Investigating battery black mass leaching performance as a function of process parameters by combining leaching experiments and regression modeling

The current paper investigates the leaching phenomena of industrially produced Li-ion battery waste in hydrometallurgical recycling processes. Specifically, it studies the leaching reactions of NMC111-type (LiNi_1/3Mn_1/3Co_1/3O₂) black mass, as well as the statistical behavior of cathode material leaching yields under varying process conditions. The investigated process variables include reductive agent concentrations (Fe²⁺, Cu, H₂O₂) as well as process temperature, whereas S/L ratio (200 g/L) and initial acidity (2 M H₂SO₄) were kept constant. At lower temperatures (T = 30 °C), copper was found to act as the predominant reductant, enabled by the presence of sufficient solution iron concentrations (≥0.4 g/L Fe). Conversely, at higher temperatures (T ≥ 50 °C), the reductive capability of aluminum was substantially increased due to its decreased tendency for passivation. In contrast to copper, dissolved iron did not notably affect the reductive behavior of aluminum. The efficiency of metallic reductants initially present within the black mass was high, reaching cathode metal leaching yields above 90 % at 70 °C. A predictive leaching model for black mass leaching yields was built via regression analysis and can be used to indicate pregnant leach solution (PLS) composition – via leaching yields – after two hours of processing as a function of the investigated process variables.
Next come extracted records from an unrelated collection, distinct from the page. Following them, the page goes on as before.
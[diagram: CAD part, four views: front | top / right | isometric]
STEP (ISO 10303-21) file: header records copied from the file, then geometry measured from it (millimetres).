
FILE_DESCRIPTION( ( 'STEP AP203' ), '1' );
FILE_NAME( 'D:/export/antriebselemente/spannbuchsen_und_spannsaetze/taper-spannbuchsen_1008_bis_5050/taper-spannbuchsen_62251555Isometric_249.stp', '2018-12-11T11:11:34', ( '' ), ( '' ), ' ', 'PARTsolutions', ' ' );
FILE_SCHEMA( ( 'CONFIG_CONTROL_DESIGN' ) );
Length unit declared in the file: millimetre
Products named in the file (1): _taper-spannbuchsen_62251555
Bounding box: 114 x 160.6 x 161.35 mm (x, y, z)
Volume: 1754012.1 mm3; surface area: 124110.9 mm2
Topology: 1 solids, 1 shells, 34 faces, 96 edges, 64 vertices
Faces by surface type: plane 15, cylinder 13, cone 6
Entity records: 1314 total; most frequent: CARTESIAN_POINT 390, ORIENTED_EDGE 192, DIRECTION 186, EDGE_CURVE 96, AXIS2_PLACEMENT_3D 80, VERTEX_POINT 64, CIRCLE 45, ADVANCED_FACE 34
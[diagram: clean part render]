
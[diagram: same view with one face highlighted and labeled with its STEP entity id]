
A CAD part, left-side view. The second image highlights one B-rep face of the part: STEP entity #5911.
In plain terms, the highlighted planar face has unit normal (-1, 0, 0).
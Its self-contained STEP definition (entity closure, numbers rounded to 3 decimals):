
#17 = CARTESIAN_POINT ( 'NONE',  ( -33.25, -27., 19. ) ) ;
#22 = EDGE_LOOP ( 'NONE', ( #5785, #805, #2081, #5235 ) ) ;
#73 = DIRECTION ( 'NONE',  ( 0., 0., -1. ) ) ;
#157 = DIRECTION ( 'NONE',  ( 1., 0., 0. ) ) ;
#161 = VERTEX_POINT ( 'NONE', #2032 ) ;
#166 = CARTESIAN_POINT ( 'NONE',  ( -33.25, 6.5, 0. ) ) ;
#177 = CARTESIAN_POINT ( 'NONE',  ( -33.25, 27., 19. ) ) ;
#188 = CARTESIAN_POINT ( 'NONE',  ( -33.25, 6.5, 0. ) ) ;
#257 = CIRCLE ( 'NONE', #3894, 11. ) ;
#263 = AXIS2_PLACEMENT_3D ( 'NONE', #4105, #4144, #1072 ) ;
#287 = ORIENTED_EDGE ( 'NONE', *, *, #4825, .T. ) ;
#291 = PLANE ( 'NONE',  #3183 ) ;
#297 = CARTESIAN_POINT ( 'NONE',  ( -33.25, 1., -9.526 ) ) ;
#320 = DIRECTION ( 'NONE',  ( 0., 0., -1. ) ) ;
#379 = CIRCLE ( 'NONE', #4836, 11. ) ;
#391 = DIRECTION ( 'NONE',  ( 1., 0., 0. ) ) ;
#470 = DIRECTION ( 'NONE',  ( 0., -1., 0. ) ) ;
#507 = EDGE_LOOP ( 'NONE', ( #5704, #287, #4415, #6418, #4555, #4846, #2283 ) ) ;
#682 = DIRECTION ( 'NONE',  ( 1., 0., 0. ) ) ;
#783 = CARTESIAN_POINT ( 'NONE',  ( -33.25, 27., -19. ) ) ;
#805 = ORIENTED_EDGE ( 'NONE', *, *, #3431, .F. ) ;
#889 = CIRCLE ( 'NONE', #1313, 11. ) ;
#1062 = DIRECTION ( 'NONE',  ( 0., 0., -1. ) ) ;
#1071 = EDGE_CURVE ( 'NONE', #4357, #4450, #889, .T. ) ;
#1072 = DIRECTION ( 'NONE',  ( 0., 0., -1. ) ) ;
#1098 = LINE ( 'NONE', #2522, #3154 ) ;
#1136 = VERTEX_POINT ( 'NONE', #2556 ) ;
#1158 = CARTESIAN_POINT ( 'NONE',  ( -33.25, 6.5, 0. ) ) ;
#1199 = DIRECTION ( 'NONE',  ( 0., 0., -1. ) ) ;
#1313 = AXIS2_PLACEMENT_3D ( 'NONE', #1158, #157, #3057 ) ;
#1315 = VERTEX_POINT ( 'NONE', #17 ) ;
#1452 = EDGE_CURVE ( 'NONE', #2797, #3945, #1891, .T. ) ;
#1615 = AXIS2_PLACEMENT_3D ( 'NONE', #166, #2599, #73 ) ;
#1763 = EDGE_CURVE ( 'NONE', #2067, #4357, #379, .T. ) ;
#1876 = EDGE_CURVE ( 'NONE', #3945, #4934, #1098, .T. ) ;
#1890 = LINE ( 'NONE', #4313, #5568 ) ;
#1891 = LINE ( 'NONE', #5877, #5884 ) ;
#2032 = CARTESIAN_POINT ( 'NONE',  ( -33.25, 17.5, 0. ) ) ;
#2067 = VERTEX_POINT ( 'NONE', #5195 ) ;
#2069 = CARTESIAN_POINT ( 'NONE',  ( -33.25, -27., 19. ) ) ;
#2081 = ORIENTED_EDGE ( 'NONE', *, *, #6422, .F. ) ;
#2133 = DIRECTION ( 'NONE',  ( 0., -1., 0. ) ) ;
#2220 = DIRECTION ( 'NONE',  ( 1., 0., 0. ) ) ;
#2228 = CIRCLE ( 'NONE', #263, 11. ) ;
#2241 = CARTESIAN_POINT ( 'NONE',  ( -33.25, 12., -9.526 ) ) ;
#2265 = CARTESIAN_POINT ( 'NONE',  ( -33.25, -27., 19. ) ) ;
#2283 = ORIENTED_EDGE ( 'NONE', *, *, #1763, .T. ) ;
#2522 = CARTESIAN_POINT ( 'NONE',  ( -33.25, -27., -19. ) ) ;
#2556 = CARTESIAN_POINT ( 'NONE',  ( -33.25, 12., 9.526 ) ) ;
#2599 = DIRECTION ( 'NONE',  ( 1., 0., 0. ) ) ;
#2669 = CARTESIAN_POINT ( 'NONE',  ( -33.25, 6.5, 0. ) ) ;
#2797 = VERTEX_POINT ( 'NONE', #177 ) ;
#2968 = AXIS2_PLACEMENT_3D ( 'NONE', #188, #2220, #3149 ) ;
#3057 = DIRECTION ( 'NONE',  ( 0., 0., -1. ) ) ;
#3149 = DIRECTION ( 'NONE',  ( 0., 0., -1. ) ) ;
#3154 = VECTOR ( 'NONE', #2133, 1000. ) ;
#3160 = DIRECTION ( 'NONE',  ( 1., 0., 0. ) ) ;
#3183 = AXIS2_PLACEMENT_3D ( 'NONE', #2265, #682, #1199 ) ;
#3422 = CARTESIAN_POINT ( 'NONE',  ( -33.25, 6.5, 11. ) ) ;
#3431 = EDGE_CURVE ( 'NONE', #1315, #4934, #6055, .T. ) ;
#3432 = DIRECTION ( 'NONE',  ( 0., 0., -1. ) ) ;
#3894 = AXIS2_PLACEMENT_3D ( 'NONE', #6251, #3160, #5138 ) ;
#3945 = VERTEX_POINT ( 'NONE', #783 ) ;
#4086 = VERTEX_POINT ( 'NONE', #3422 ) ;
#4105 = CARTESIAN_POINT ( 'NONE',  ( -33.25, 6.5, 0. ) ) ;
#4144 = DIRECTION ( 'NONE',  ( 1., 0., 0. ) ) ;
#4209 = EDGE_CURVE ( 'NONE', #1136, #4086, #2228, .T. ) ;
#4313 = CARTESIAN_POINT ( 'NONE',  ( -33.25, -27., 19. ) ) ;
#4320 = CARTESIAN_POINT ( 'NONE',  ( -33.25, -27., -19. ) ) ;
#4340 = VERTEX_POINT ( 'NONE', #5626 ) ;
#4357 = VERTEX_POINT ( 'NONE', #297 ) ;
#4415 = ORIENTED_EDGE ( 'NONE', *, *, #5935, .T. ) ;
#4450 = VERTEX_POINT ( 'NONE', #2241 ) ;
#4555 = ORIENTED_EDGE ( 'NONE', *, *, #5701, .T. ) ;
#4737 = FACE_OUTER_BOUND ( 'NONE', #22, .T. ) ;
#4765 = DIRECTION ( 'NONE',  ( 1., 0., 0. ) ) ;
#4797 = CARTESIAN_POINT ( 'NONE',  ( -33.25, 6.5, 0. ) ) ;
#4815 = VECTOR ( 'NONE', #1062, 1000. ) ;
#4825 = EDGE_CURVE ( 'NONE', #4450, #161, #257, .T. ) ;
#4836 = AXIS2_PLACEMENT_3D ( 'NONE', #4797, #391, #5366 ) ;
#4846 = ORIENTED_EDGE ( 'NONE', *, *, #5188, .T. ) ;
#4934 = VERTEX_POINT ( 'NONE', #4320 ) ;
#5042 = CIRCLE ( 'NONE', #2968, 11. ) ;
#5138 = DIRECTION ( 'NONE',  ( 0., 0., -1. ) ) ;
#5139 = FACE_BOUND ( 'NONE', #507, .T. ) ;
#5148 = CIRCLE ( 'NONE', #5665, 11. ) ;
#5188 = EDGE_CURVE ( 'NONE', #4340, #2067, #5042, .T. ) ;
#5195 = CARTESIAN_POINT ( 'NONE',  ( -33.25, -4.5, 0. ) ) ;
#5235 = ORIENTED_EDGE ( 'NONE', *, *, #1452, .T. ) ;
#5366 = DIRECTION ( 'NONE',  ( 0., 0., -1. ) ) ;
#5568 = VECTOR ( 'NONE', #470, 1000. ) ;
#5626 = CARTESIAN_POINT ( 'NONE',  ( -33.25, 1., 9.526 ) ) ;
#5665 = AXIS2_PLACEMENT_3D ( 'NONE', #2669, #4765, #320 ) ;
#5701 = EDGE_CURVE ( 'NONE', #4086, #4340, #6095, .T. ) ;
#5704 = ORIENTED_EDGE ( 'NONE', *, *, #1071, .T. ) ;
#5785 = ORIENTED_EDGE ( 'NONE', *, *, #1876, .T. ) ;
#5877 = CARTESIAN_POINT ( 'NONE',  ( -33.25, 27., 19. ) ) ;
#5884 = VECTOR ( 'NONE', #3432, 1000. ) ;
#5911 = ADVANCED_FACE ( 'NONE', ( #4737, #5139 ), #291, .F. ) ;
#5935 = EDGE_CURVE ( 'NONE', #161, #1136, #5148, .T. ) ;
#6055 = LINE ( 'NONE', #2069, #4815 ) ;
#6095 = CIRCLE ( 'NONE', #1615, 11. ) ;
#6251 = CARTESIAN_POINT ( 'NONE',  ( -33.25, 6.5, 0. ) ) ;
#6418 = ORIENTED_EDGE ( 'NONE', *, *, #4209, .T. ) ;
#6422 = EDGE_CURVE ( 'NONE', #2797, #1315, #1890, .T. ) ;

The model showed leaching temperature to be the most impactful parameter, while also indicating a higher reductive efficiency of copper when compared to equimolar additions of H₂O₂. As a case example, LFP (LiFePO₄) cathode powder was also investigated as an alternative reductant/catalysis species (Fe²⁺) source in the system and was found to increase cathode metal leaching yields almost as much as FeSO₄ while also resulting in a remarkable increase in Al dissolution in the process.